• _Exercise directions_: This task calls for every entry below to be repeated exactly, without the pictures.

• _Extracted data entries_:
▬▬▬
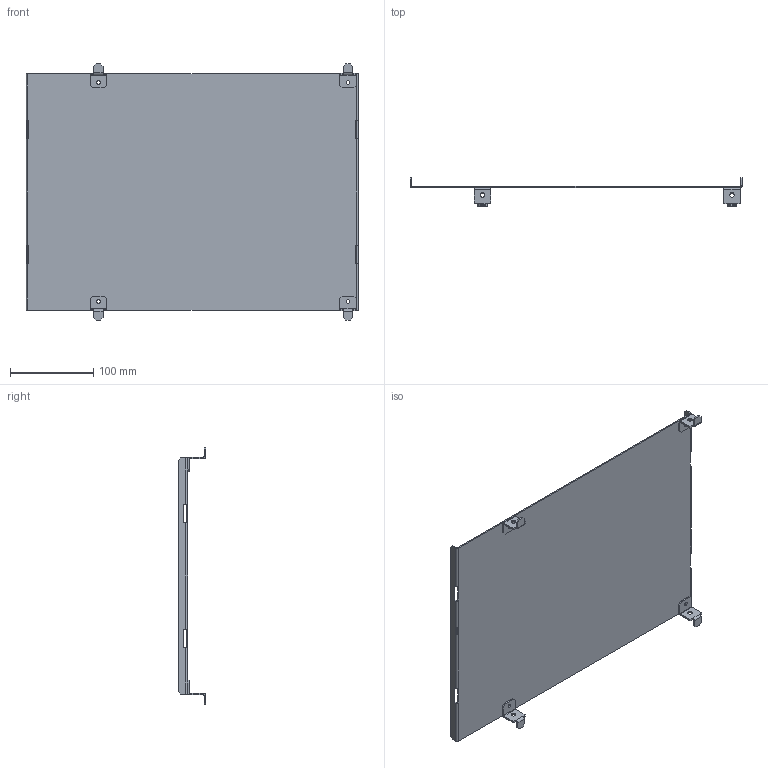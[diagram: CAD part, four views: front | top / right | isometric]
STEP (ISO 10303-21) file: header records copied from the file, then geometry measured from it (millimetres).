
FILE_DESCRIPTION(('CAx-IF Rec.Pracs.---Model Styling and Organization---1.2---2011-12-15','CAx-IF Rec.Pracs.---Geometric and Assembly Validation Properties---4.1---2014-06-16','CAx-IF Rec.Pracs.---PMI Polyline Presentation---2.0---2013-05-24'),'2;1');
FILE_NAME('R5SWM44.stp','2021-05-06T03:09:19+03:00',(''),(''),'STEP Interface 4.4 by CT CoreTechnologie','3D_Evolution4.4 by CT CoreTechnologie','');
FILE_SCHEMA(('AUTOMOTIVE_DESIGN { 1 0 10303 214 1 1 1 1 }'));
Length unit declared in the file: millimetre
Products named in the file (3): R5SWM44; RB.0520.00.00.0; RB.0535.00.00.0_-00 400å400
Assembly tree (5 placements, depth 2):
  R5SWM44
    RB.0520.00.00.0  x4
    RB.0535.00.00.0_-00 400å400
Bounding box: 399 x 33.5 x 308 mm (x, y, z)
Surface area: 246044.5 mm2 (no closed solid volume)
Topology: 0 solids, 5 shells, 176 faces, 534 edges, 360 vertices
Faces by surface type: plane 120, cylinder 56
Entity records: 3504 total; most frequent: CARTESIAN_POINT 590, ORIENTED_EDGE 588, DIRECTION 566, EDGE_CURVE 294, VECTOR 230, LINE 230, VERTEX_POINT 192, AXIS2_PLACEMENT_3D 168
▬▬▬
• _Written response_:
[diagram: CAD part, four views: front | top / right | isometric]
STEP (ISO 10303-21) file: header records copied from the file, then geometry measured from it (millimetres).
FILE_DESCRIPTION(('CAx-IF Rec.Pracs.---Model Styling and Organization---1.2---2011-12-15','CAx-IF Rec.Pracs.---Geometric and Assembly Validation Properties---4.1---2014-06-16','CAx-IF Rec.Pracs.---PMI Polyline Presentation---2.0---2013-05-24'),'2;1');
FILE_NAME('R5SWM44.stp','2021-05-06T03:09:19+03:00',(''),(''),'STEP Interface 4.4 by CT CoreTechnologie','3D_Evolution4.4 by CT CoreTechnologie','');
FILE_SCHEMA(('AUTOMOTIVE_DESIGN { 1 0 10303 214 1 1 1 1 }'));
Length unit declared in the file: millimetre
Products named in the file (3): R5SWM44; RB.0520.00.00.0; RB.0535.00.00.0_-00 400å400
Assembly tree (5 placements, depth 2):
  R5SWM44
    RB.0520.00.00.0  x4
    RB.0535.00.00.0_-00 400å400
Bounding box: 399 x 33.5 x 308 mm (x, y, z)
Surface area: 246044.5 mm2 (no closed solid volume)
Topology: 0 solids, 5 shells, 176 faces, 534 edges, 360 vertices
Faces by surface type: plane 120, cylinder 56
Entity records: 3504 total; most frequent: CARTESIAN_POINT 590, ORIENTED_EDGE 588, DIRECTION 566, EDGE_CURVE 294, VECTOR 230, LINE 230, VERTEX_POINT 192, AXIS2_PLACEMENT_3D 168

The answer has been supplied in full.